Magenta-gelbe Post
OK, früher war alles besser ist sehr pauschal und natürlich Quatsch.
Aber. Wollte jemand z.B. vor 180Jahren seinem Freund im Hochschwarzwald per Depesche mitteilen: Hast du schon gehört..., der Dings und die Frau von Gegenübber…….., dann wusste er um die Risiken, um die etwaigen, zeitlichen Dimensionen Bescheid und rechnete mit dem ärgsten, daß eh nix ankommt und wenn, dann oft zu spät.
Damals mussten bei der Postkutsche alle 50km die Gäule gewechselt werden und nicht selten geriet so ein Gefährt in den Untiefen der Fahrrinnen ins Straucheln und alle verwesten. Das wußte man/frau.
Apropos Westen. Laut den ausgiebig nachverfilmten Umständen seinerzeit in Amerika, wurden die Kutschen regelmäßig und kräftig überfallen. Ähnlich den heutigen Sprengungen von Geldautomaten war damals der Transport von ein paar Dollar oder drei Nuggets zu Enkels Geburtstag stets vom Risiko der gewaltsamen Aneignung durch Unbefugte an der Tagesordnung. Oder - auch nicht so selten, der Kutscher schlief in der berühmten, nach ihm benannten Körperhaltung selig ein und Pferde gingen autonom ihre Wege oder grasten, ebenfalls selig.
Was ich sagen will. Trotz der Vergangenheitsromantik eine Verbesserung, technisch und logistisch, tat Not. Hat es sie bis dato gegeben? Die ganzen elektrischen Entwicklungsschritte ohne Pferd, wie Morsen, Telegrafieren und Brieftauben überspringe ich einmal. Die Elektronik, Sendemasten und Satelliten haben uns neue Wege eröffnet, ohne knietiefe Fahrspuren. Es gibt Simsen, Whatsappen, Facebooken oder TikToken zur Übermittlung von allerlei Unwichtigem und das alles über Mobilfunk, ohne Kabel, von überall, theoretisch. Ist schon Klasse.
Da kommt mir noch die Email in den Sinn. Der elektronische Brief. Ohne handschriftliche Hieroglyphen, in der Regel sauber getippt, allerdings auch ohne Parfümduft der Liebsten, aber in Lichtgeschwindigkeit von A nach B, also noch schneller wie unser Postbote mit Elektrorad an unserer Haustüre, eine prima Sache. Soweit, so gut.
Es geht doch. Man muss nur wollen und eine Idee haben.

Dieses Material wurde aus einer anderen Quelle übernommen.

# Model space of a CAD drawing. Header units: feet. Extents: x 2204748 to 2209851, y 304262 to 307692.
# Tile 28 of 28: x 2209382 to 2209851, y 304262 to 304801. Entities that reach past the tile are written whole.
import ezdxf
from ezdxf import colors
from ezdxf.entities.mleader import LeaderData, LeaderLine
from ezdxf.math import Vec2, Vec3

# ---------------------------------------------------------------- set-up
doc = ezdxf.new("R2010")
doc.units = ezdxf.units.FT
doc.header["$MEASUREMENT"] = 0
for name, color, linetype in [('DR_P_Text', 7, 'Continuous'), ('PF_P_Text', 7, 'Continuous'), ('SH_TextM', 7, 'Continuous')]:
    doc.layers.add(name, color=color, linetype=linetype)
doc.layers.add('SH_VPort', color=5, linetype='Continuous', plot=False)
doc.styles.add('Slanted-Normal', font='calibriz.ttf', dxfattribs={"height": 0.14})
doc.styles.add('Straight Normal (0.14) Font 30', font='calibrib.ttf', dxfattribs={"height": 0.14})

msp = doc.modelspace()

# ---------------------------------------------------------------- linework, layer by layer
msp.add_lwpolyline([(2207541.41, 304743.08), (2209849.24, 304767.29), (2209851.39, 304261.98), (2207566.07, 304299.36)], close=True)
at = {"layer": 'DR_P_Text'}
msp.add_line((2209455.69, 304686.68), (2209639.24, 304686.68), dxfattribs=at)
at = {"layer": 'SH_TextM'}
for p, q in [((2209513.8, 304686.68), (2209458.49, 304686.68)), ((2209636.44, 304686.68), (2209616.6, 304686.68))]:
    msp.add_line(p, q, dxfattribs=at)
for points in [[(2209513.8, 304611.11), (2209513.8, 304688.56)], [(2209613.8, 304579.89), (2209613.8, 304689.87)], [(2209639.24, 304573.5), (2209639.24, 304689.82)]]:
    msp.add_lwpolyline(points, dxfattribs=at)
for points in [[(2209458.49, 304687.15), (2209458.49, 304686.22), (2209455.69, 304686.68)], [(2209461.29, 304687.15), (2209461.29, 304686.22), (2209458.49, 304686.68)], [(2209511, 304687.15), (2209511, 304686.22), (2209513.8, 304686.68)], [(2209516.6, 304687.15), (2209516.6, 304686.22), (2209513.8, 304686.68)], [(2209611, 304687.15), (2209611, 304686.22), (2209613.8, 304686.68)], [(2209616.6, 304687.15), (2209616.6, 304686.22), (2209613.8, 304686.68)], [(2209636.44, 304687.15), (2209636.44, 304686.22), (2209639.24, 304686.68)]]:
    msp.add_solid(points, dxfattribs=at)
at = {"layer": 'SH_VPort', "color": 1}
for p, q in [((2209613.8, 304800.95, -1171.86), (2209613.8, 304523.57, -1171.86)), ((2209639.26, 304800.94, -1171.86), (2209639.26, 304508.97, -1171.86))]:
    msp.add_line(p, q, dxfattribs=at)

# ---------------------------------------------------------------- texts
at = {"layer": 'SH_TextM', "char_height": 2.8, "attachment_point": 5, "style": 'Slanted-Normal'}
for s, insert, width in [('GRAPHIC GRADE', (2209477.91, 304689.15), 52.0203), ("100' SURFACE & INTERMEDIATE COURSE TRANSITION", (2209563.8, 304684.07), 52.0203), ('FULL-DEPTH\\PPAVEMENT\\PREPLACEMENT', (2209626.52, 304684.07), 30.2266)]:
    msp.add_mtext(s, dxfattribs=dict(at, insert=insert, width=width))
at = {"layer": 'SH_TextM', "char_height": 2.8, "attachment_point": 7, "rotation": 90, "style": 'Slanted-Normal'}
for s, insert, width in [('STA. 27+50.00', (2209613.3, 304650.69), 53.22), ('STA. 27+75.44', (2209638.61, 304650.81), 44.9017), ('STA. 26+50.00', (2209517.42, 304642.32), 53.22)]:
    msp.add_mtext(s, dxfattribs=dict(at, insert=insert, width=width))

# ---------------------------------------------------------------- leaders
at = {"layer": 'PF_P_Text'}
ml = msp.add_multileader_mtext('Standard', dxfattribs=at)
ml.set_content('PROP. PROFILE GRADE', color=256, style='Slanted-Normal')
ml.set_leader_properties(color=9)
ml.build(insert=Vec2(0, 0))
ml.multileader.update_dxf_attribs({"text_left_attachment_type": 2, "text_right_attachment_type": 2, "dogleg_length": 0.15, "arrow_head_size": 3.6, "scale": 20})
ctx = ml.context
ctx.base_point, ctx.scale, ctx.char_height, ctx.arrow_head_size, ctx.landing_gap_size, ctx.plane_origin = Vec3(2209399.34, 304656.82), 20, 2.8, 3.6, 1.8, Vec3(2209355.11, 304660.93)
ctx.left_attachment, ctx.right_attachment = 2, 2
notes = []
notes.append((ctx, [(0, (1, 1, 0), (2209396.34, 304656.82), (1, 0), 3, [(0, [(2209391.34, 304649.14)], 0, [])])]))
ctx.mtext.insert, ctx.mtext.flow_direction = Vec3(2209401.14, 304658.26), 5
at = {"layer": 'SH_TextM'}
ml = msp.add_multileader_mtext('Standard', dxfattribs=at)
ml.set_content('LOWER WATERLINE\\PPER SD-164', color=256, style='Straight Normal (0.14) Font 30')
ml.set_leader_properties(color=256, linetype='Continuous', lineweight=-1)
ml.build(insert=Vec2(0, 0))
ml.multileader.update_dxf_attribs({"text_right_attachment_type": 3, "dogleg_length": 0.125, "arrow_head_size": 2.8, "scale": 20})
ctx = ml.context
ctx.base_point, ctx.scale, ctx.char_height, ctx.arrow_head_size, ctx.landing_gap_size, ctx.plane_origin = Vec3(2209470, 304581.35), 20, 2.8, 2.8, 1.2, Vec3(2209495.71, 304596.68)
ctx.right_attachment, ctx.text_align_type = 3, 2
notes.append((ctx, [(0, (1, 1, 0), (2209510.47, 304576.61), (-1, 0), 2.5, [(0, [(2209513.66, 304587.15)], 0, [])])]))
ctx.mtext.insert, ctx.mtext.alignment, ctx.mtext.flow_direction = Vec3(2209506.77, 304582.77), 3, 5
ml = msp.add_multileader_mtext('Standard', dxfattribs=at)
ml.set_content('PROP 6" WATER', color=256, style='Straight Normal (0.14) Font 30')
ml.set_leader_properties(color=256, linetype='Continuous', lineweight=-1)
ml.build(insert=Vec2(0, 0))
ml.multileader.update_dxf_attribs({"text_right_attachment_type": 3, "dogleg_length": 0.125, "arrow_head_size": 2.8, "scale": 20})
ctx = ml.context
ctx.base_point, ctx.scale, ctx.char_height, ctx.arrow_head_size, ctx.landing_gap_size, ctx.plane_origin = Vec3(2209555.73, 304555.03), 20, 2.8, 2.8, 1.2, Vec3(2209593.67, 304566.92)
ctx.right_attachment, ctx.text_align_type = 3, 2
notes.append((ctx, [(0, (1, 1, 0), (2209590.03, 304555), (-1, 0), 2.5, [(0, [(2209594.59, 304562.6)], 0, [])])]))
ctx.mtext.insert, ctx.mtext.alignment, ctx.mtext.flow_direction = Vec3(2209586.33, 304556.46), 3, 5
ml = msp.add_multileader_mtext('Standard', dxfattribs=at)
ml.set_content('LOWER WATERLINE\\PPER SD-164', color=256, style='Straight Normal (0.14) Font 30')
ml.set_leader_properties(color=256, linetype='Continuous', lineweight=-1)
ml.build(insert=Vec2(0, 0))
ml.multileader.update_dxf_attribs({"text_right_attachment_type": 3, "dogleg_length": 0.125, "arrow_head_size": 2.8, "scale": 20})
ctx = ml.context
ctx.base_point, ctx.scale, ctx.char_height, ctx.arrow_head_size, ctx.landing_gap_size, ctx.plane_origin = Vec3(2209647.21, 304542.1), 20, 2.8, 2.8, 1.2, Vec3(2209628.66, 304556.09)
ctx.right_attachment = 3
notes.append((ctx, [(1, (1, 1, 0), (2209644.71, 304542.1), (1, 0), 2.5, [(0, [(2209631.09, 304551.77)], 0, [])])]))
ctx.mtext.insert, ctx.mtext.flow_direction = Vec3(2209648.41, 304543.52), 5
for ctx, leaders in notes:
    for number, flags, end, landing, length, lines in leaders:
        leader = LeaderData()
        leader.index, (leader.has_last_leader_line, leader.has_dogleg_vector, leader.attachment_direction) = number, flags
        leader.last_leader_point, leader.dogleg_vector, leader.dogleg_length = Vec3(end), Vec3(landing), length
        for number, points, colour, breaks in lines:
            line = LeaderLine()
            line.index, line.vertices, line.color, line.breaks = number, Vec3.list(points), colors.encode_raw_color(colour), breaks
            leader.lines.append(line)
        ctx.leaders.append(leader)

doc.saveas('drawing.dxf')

Bloß, es müssen schon möglichst alle mitmachen. Es braucht wie immer Teamplayer. Was nutzt die Überwindung des Raumes zwischen Absender und Empfänger in Lichtgeschwindigkeit, wenn Letzterer den Quark nicht zur Kenntnis nimmt. Meine Erfahrung dzbl. ist ernüchternd.
Keine Arztpraxis, kein Handwerker, kein Radio- und TV-Laden nimmt meine eilige und verdammt-noch-mal wichtige Nachricht auf diesem Wege zur Kenntnis. Ich muss zusätzlich noch telefonisch nachfragen.
Das bedeutet rückblickend, einst hätte ich quasi meinen ‚schwarzen Rappen’ aus dem Stall holen und hinter der Postkutsche her reiten müssen, um die Aushändigung des groben Postsackes an der Feldberg Poststation zu überwachen. Das kann nicht Sinn der Sache sein, früher nicht und nicht heute.
Ich bleibe maximal frustriert und plane meine Email samt Fotos im Anhang auszudrucken und anschließend per Postreiterei zustellen zu lassen. Etwas provokativ und als Mahnung mit dem elektronischen Stinkefinger gedacht. Vielleicht liegt in der Verquickung von alt und neu der Schlüssel zum Erfolg. Hoffentlich geht man mit meiner haptischen Post, liebevoll gefaltet, die Gummierung abgeleckt und ordentlich frankiert, dann aufmerksamer um, wie mit der im elektronischen Postfach. Möglicherweise verschwindet ein altmodischer Brief aber mit den vielen bunten Reklameblättchen aus dem Briefkasten in der Papiertonne, dann wäre das wenigstens eine Erklärung.
Übrigens wußten Sie, Email ist ja eine Abkürzung für:
Einer-mag-alles-irgendwann-lesen.
Das tröstet und erklärt auch vieles.